[Records supplied]

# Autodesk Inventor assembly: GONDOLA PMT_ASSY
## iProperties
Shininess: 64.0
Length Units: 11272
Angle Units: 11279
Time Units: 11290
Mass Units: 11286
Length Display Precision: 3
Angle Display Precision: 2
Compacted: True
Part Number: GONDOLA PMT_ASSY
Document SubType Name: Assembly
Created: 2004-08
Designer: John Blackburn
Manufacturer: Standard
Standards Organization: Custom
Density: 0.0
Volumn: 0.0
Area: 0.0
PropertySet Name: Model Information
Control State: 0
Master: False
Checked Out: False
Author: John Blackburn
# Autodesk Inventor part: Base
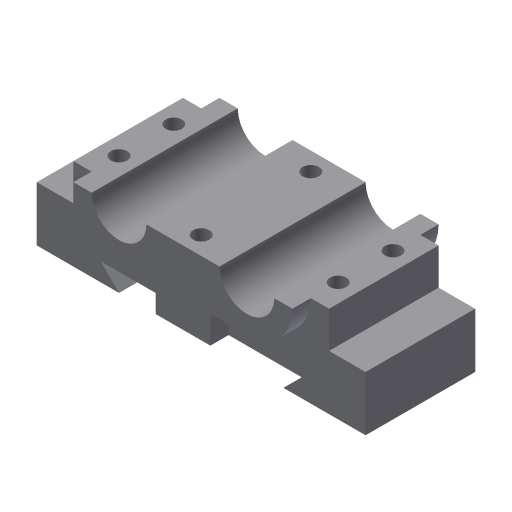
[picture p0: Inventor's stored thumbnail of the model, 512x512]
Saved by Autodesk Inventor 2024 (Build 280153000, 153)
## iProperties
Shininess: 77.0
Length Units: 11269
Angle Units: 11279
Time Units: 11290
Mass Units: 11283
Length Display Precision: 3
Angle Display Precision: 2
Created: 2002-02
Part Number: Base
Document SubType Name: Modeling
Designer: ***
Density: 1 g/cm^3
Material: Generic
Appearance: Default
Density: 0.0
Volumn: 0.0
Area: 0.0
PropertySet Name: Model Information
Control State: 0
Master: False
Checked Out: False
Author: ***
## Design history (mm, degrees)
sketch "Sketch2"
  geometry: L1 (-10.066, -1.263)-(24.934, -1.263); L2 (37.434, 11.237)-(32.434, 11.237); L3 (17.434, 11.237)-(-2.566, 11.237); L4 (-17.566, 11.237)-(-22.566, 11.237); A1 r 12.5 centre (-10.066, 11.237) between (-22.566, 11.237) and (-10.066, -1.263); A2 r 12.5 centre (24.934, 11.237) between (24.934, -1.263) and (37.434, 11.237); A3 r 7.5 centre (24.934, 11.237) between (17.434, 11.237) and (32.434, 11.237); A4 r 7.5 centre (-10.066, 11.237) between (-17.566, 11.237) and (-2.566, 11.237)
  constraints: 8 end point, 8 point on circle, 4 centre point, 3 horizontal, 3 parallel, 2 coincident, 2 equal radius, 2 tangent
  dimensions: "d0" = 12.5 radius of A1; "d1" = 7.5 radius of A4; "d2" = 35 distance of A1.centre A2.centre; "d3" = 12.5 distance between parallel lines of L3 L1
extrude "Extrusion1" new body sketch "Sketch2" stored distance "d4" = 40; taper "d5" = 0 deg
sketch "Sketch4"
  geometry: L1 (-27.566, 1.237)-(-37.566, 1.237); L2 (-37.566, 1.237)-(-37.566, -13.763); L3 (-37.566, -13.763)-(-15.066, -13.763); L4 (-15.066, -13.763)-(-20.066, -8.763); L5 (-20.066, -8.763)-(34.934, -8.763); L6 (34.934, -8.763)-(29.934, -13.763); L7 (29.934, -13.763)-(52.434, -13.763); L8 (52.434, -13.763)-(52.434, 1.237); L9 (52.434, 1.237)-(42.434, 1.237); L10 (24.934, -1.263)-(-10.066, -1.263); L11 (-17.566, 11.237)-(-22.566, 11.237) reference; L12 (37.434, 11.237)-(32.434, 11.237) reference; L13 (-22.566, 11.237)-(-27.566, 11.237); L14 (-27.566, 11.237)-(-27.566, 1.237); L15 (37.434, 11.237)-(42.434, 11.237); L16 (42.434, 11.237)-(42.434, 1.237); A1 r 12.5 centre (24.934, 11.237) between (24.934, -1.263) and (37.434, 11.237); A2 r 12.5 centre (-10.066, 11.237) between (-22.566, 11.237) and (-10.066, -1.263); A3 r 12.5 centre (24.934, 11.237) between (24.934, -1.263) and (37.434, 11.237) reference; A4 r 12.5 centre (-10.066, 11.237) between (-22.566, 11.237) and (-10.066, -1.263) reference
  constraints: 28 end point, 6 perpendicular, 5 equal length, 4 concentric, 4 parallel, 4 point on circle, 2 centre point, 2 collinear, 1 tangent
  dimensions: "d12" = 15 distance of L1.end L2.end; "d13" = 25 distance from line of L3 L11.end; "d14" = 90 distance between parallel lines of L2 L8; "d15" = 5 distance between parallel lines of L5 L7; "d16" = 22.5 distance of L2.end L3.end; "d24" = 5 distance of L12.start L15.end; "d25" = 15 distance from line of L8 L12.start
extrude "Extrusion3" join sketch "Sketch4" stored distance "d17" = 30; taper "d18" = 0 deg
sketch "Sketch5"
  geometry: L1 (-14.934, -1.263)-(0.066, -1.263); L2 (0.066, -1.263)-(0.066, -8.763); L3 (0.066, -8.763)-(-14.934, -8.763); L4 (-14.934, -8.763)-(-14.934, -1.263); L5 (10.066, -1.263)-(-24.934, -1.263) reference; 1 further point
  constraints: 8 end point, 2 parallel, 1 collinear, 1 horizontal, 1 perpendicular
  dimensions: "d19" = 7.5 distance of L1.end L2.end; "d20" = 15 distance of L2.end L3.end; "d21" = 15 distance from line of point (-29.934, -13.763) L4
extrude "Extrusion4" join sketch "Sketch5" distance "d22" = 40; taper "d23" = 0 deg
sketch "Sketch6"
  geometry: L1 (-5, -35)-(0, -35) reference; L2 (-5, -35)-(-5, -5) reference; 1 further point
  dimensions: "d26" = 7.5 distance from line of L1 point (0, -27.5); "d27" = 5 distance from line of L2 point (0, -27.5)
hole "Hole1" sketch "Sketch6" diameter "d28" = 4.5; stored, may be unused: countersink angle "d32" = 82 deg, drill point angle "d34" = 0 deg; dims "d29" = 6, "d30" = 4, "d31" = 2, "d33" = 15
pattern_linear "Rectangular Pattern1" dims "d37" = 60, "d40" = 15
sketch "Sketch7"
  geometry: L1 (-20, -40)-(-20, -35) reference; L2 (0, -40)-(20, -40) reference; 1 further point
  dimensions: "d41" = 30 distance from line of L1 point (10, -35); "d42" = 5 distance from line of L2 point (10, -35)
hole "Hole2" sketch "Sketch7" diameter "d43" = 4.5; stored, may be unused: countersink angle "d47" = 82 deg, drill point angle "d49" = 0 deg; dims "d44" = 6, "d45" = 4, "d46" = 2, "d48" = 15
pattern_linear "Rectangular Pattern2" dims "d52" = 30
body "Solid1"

[/Records supplied]

**Problem:**
Set down the entries shown above once more, exactly as they read, but without pictures.

**Task answer:**
# Autodesk Inventor assembly: GONDOLA PMT_ASSY
## iProperties
Shininess: 64.0
Length Units: 11272
Angle Units: 11279
Time Units: 11290
Mass Units: 11286
Length Display Precision: 3
Angle Display Precision: 2
Compacted: True
Part Number: GONDOLA PMT_ASSY
Document SubType Name: Assembly
Created: 2004-08
Designer: John Blackburn
Manufacturer: Standard
Standards Organization: Custom
Density: 0.0
Volumn: 0.0
Area: 0.0
PropertySet Name: Model Information
Control State: 0
Master: False
Checked Out: False
Author: John Blackburn
# Autodesk Inventor part: Base
[picture p0: Inventor's stored thumbnail of the model, 512x512]
Saved by Autodesk Inventor 2024 (Build 280153000, 153)
## iProperties
Shininess: 77.0
Length Units: 11269
Angle Units: 11279
Time Units: 11290
Mass Units: 11283
Length Display Precision: 3
Angle Display Precision: 2
Created: 2002-02
Part Number: Base
Document SubType Name: Modeling
Designer: ***
Density: 1 g/cm^3
Material: Generic
Appearance: Default
Density: 0.0
Volumn: 0.0
Area: 0.0
PropertySet Name: Model Information
Control State: 0
Master: False
Checked Out: False
Author: ***
## Design history (mm, degrees)
sketch "Sketch2"
  geometry: L1 (-10.066, -1.263)-(24.934, -1.263); L2 (37.434, 11.237)-(32.434, 11.237); L3 (17.434, 11.237)-(-2.566, 11.237); L4 (-17.566, 11.237)-(-22.566, 11.237); A1 r 12.5 centre (-10.066, 11.237) between (-22.566, 11.237) and (-10.066, -1.263); A2 r 12.5 centre (24.934, 11.237) between (24.934, -1.263) and (37.434, 11.237); A3 r 7.5 centre (24.934, 11.237) between (17.434, 11.237) and (32.434, 11.237); A4 r 7.5 centre (-10.066, 11.237) between (-17.566, 11.237) and (-2.566, 11.237)
  constraints: 8 end point, 8 point on circle, 4 centre point, 3 horizontal, 3 parallel, 2 coincident, 2 equal radius, 2 tangent
  dimensions: "d0" = 12.5 radius of A1; "d1" = 7.5 radius of A4; "d2" = 35 distance of A1.centre A2.centre; "d3" = 12.5 distance between parallel lines of L3 L1
extrude "Extrusion1" new body sketch "Sketch2" stored distance "d4" = 40; taper "d5" = 0 deg
sketch "Sketch4"
  geometry: L1 (-27.566, 1.237)-(-37.566, 1.237); L2 (-37.566, 1.237)-(-37.566, -13.763); L3 (-37.566, -13.763)-(-15.066, -13.763); L4 (-15.066, -13.763)-(-20.066, -8.763); L5 (-20.066, -8.763)-(34.934, -8.763); L6 (34.934, -8.763)-(29.934, -13.763); L7 (29.934, -13.763)-(52.434, -13.763); L8 (52.434, -13.763)-(52.434, 1.237); L9 (52.434, 1.237)-(42.434, 1.237); L10 (24.934, -1.263)-(-10.066, -1.263); L11 (-17.566, 11.237)-(-22.566, 11.237) reference; L12 (37.434, 11.237)-(32.434, 11.237) reference; L13 (-22.566, 11.237)-(-27.566, 11.237); L14 (-27.566, 11.237)-(-27.566, 1.237); L15 (37.434, 11.237)-(42.434, 11.237); L16 (42.434, 11.237)-(42.434, 1.237); A1 r 12.5 centre (24.934, 11.237) between (24.934, -1.263) and (37.434, 11.237); A2 r 12.5 centre (-10.066, 11.237) between (-22.566, 11.237) and (-10.066, -1.263); A3 r 12.5 centre (24.934, 11.237) between (24.934, -1.263) and (37.434, 11.237) reference; A4 r 12.5 centre (-10.066, 11.237) between (-22.566, 11.237) and (-10.066, -1.263) reference
  constraints: 28 end point, 6 perpendicular, 5 equal length, 4 concentric, 4 parallel, 4 point on circle, 2 centre point, 2 collinear, 1 tangent
  dimensions: "d12" = 15 distance of L1.end L2.end; "d13" = 25 distance from line of L3 L11.end; "d14" = 90 distance between parallel lines of L2 L8; "d15" = 5 distance between parallel lines of L5 L7; "d16" = 22.5 distance of L2.end L3.end; "d24" = 5 distance of L12.start L15.end; "d25" = 15 distance from line of L8 L12.start
extrude "Extrusion3" join sketch "Sketch4" stored distance "d17" = 30; taper "d18" = 0 deg
sketch "Sketch5"
  geometry: L1 (-14.934, -1.263)-(0.066, -1.263); L2 (0.066, -1.263)-(0.066, -8.763); L3 (0.066, -8.763)-(-14.934, -8.763); L4 (-14.934, -8.763)-(-14.934, -1.263); L5 (10.066, -1.263)-(-24.934, -1.263) reference; 1 further point
  constraints: 8 end point, 2 parallel, 1 collinear, 1 horizontal, 1 perpendicular
  dimensions: "d19" = 7.5 distance of L1.end L2.end; "d20" = 15 distance of L2.end L3.end; "d21" = 15 distance from line of point (-29.934, -13.763) L4
extrude "Extrusion4" join sketch "Sketch5" distance "d22" = 40; taper "d23" = 0 deg
sketch "Sketch6"
  geometry: L1 (-5, -35)-(0, -35) reference; L2 (-5, -35)-(-5, -5) reference; 1 further point
  dimensions: "d26" = 7.5 distance from line of L1 point (0, -27.5); "d27" = 5 distance from line of L2 point (0, -27.5)
hole "Hole1" sketch "Sketch6" diameter "d28" = 4.5; stored, may be unused: countersink angle "d32" = 82 deg, drill point angle "d34" = 0 deg; dims "d29" = 6, "d30" = 4, "d31" = 2, "d33" = 15
pattern_linear "Rectangular Pattern1" dims "d37" = 60, "d40" = 15
sketch "Sketch7"
  geometry: L1 (-20, -40)-(-20, -35) reference; L2 (0, -40)-(20, -40) reference; 1 further point
  dimensions: "d41" = 30 distance from line of L1 point (10, -35); "d42" = 5 distance from line of L2 point (10, -35)
hole "Hole2" sketch "Sketch7" diameter "d43" = 4.5; stored, may be unused: countersink angle "d47" = 82 deg, drill point angle "d49" = 0 deg; dims "d44" = 6, "d45" = 4, "d46" = 2, "d48" = 15
pattern_linear "Rectangular Pattern2" dims "d52" = 30
body "Solid1"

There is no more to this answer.